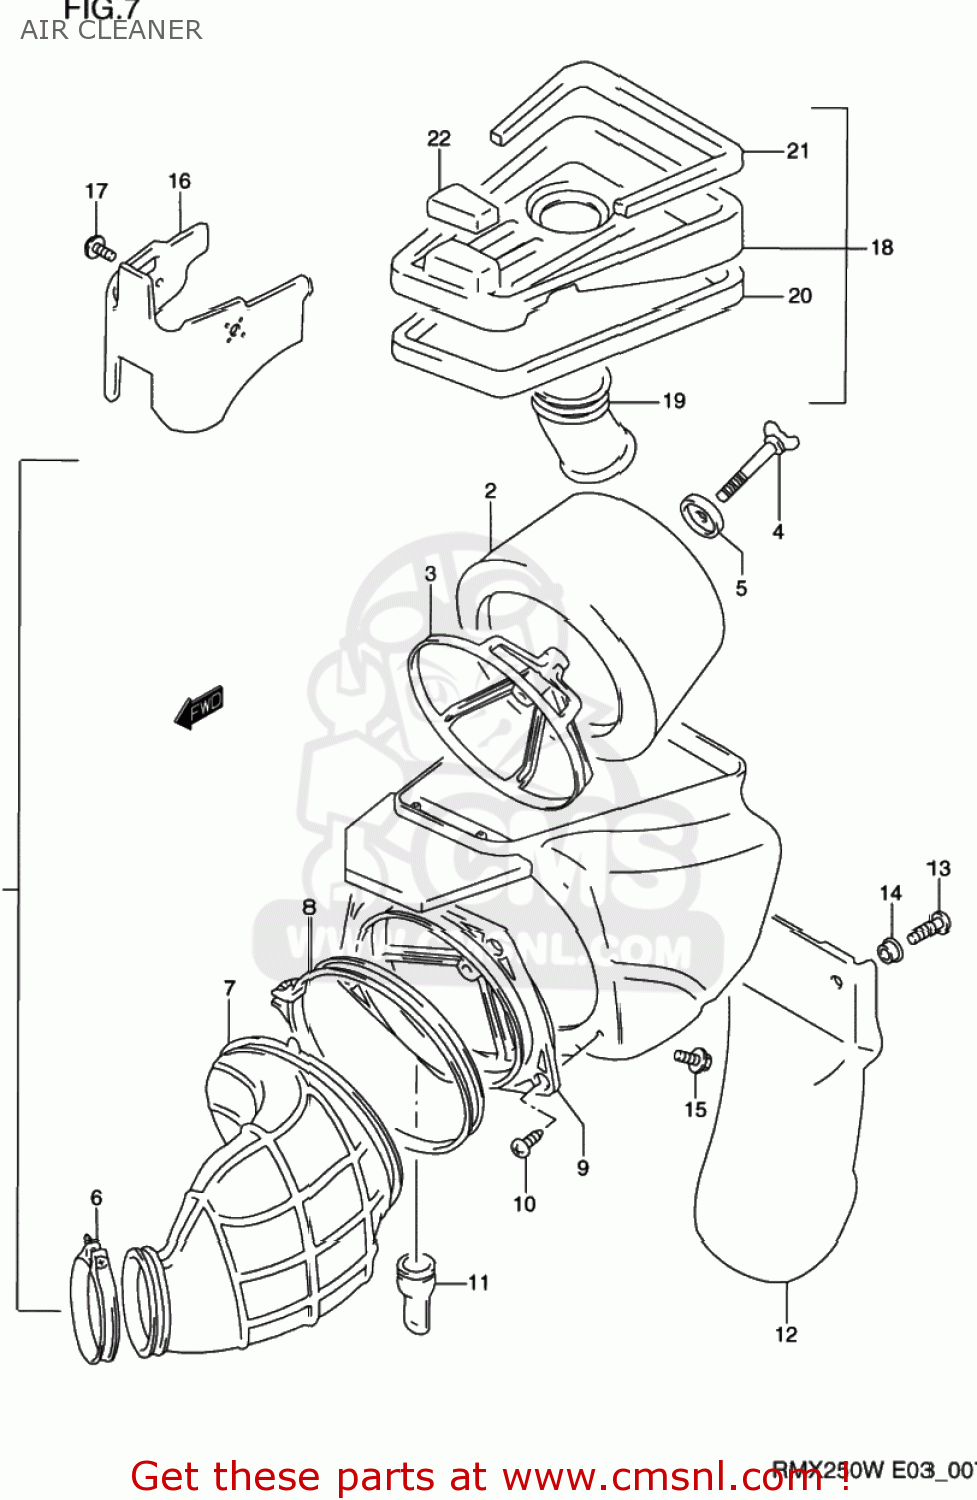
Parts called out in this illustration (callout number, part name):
1	CLEANER ASSEMBLY,AIR
2	FILTER
3	HOLDER,FILTER
4	BOLT,WING
5	WASHER,AIR CLEANER
6	CLAMP
7	TUBE,OUTLET
8	CLAMP
9	BASE,FILTER
10	SCREW
11	CAP,DRAIN
12	GUARD,MUD
13	SCREW
14	COLLAR
15	BOLT
16	GUARD,MUD
17	SCREW(6X12)
18	CAP,AIR CLEANER
19	TUBE,INLET
20	GASKET,CAP (NAS)
21	CUSHION
22	CUSHION
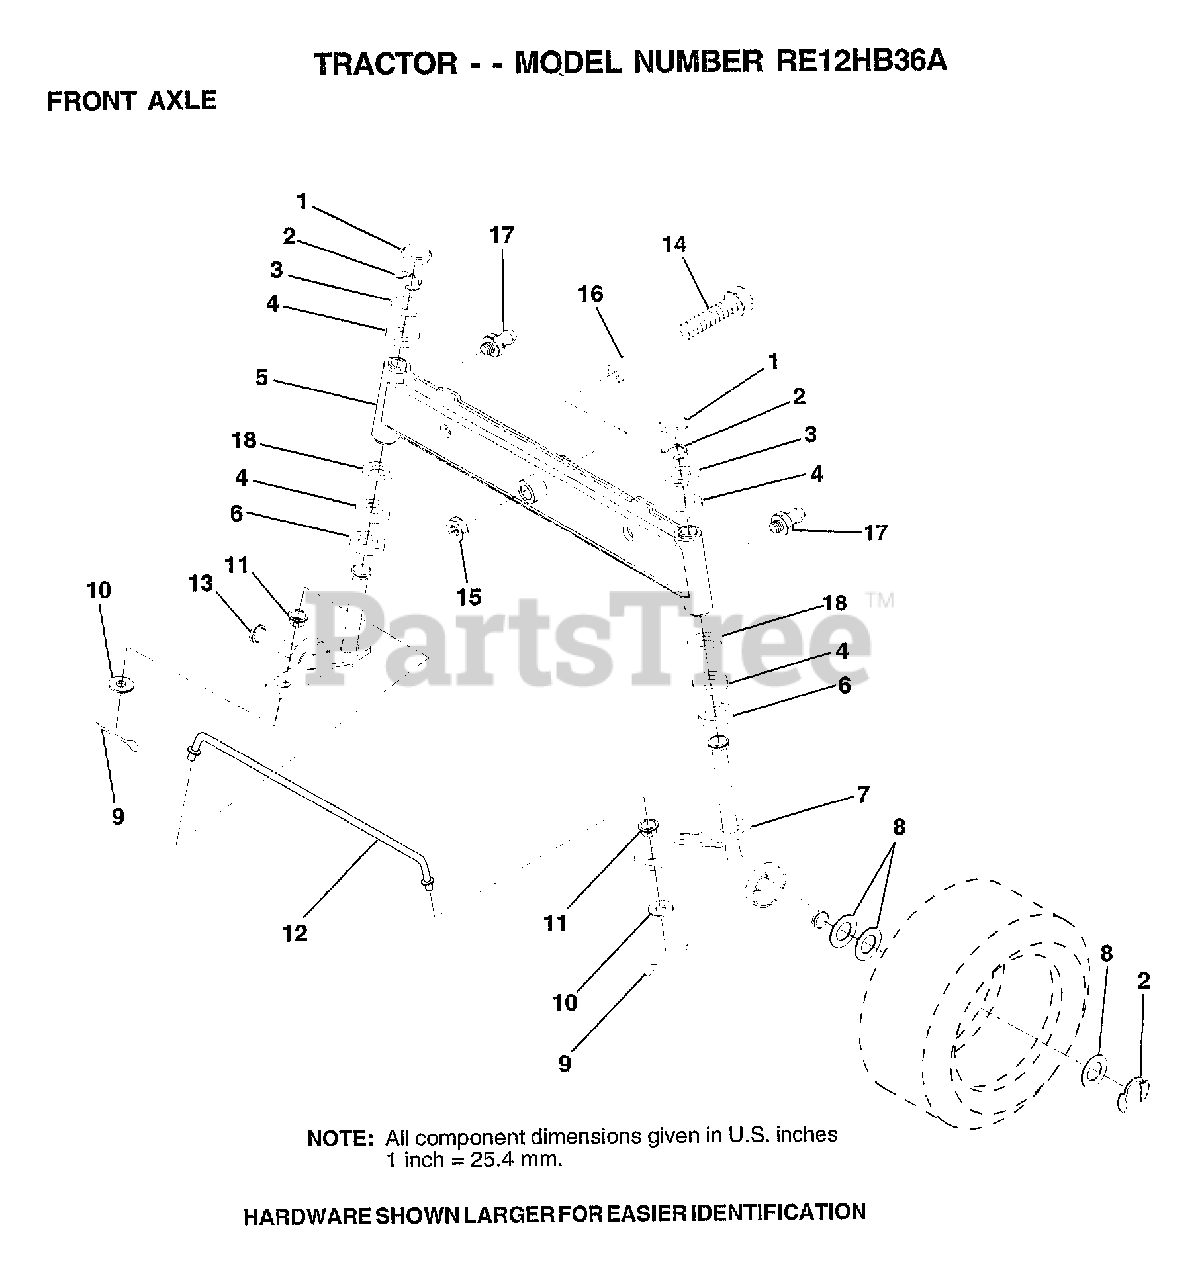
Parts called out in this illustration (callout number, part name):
1	CAP
2	RING
3	WASHER
4	COL. SRTG. BEAR.
5	AXLE ASM FRONT
6	WASHER .T
7	SPINDLE.ASSY.RH
8	WASHER
9	COTTER PIN
10	WASHER
11	BUSHING.DRAGLINK
12	TIE ROD
13	SPINDLE.ASSY.LH
14	BOLT HEX 5/8-11
15	"NUT-LOC,FLANGE LT"
16	BEARING
17	ZERK M
18	WASHER
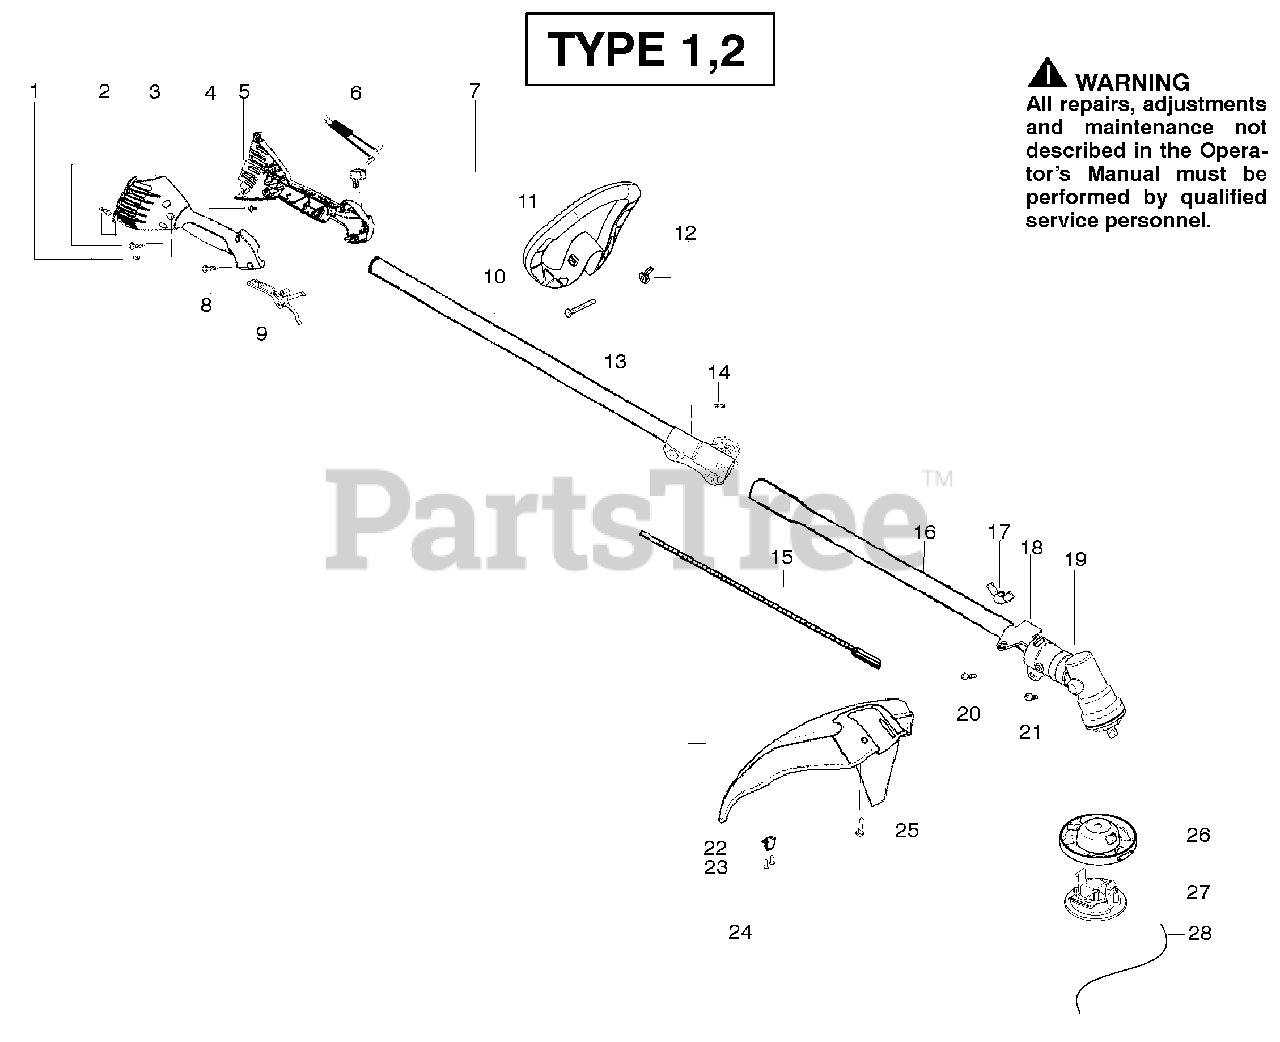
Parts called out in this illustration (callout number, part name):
1	Screw-alignment
3	Hsg.-Throttle right
4	Screw-Cable Retention
5	Hsg.-Left throttle
9	Lever-Throttle
11	Assy-Handle
12	Wingnut
13	Kit-Upper Shaft
15	Shaft-Flex (lower)
16	Kit-Lower Shaft
17	Wingnut
18	Bracket-Shield
24	Kit-Shield Assy.
26	Head-Fixed Line
27	Cap-Fixed Line
28	Accy-Line (12 pcs)
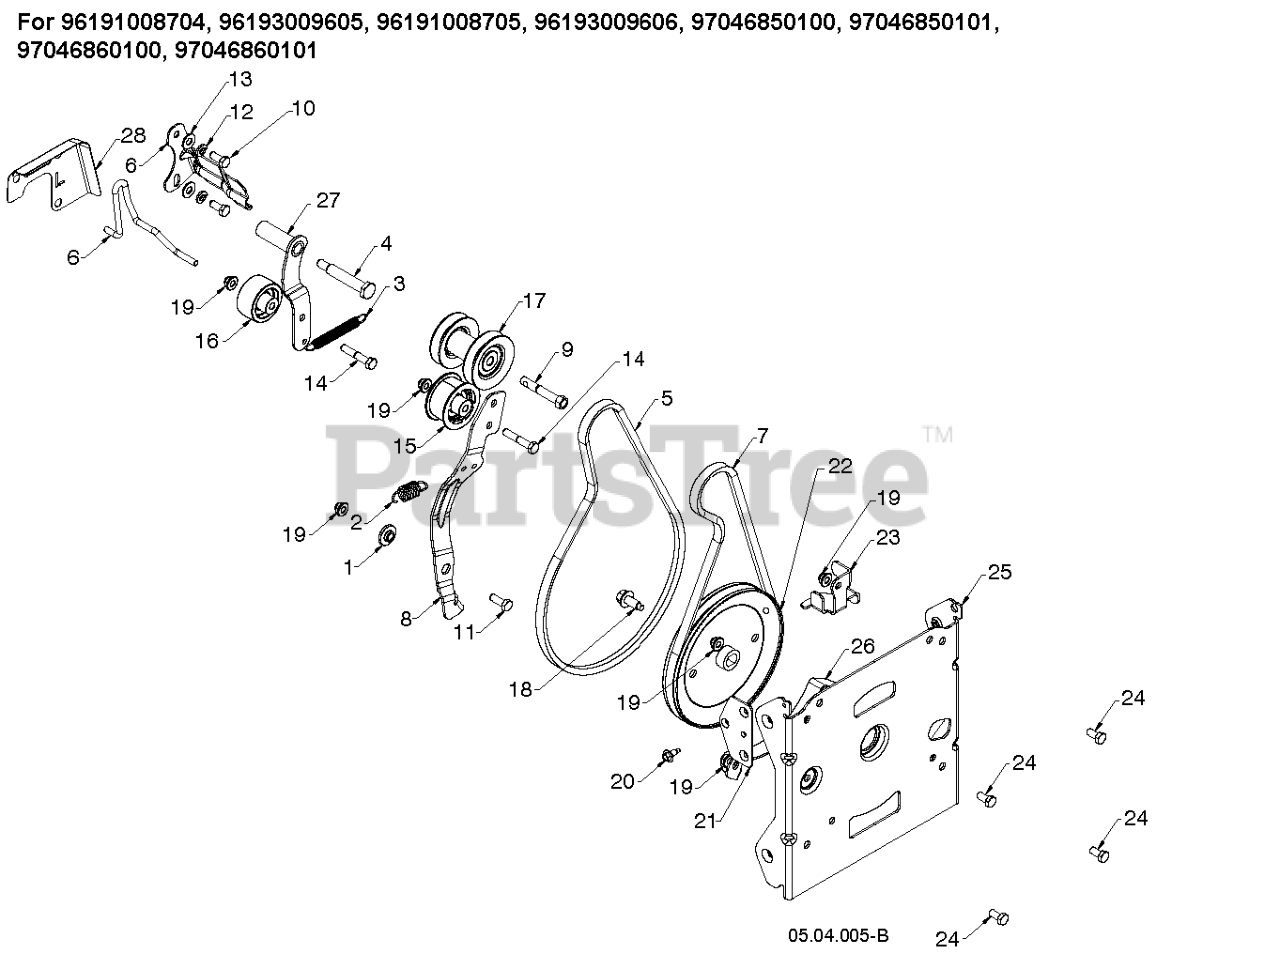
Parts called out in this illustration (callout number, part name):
1	BUSHING.BRAKE.ARM
2	SPRING RETURN, IDLER ARM, IMPE
3	SPRING RETURN IDLER ARM
4	BOLT 5/16-24X2.25 HEX HEAD SHO
5	Belts
5	BELT.DRIVE.SNOW.DUAL
6	BELT KEEPER BRACKET
6	Belt Keepers
7	LOW CRANK IMPELLER BELT
8	ARM.IDLER.AUTO-PH.676
9	BOLTS
9	BOLT.ENGINE.PULLEY
10	SCREW
10	SCREW 5/16-24 X .75 GR5
11	BOLT HEXAGON BOLT 5/16-18 X 7/
11	BOLT
12	WASHER SPRING LOCK WASHER WITH
12	WASHER.LOCK.HVY.HLCL.SPR.5/16
13	WASHER 11/32 X 11/16 X 14 GA T
14	BOLT, HEX 5/16-18X1-3/4
15	PULLEY.IDLER.FLNGLESS.W/SPACER
15	PULLEYIDLER.2.0.W/SPACER.CZ
16	PULLEYIDLER.2.0.W/SPACER.CZ
16	PULLEY 4L GEAR - LC
16	PULLEY.IDLER.FLNGLESS.W/SPACER
17	PULLEY.ASM.IMPELLER/DRIVE
17	Engines
18	SCREW HEXAGON HEAD FLANGE 3/8-
18	SCREW FLANGE HEAD CAP WITH DOG
18	BOLT
19	NUTNYLOK.FLRANGE.5/16-18
19	NUT HEXAGON FLANGE 5/16-18 ST
20	HEX.WASHER.HEAD 1/4-20 X .65
21	BRACKET NUT BLACK ZINC PLATE
22	PULLEYS
22	PULLEY IMPELLER DD 4L
23	GUIDE.LOWER.AUGER.BELT.479
24	Screws
24	BOLT, HEX HEAD 5/16-18
25	BRACKET.AUG.HOUSING.INTER.BLAC
26	ARM DRIVE IDLER CLEAR ZINC PLA
26	BRACKET.BELT.KEEPER.LOWER.BLAC
27	ARM IDLER DRIVE WELDMENT_HOT
27	ARM DRIVE IDLER CLEAR ZINC PLA
28	Cranks
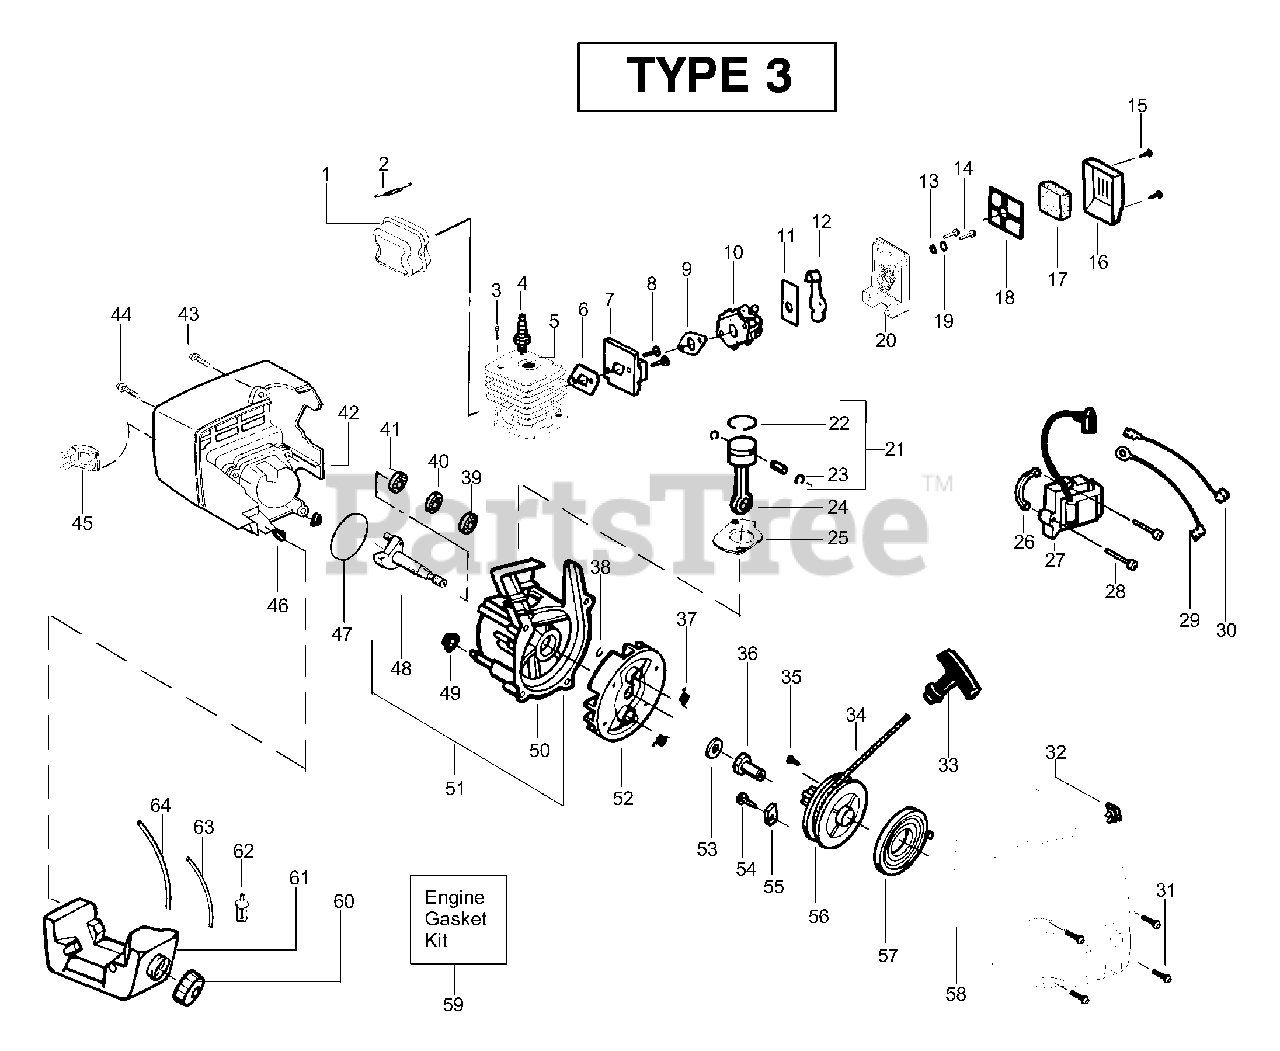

Assigned task:
Check all the records above and select each line where the string "FILTER" is found.

Response box:
2	FILTER
3	HOLDER,FILTER
9	BASE,FILTER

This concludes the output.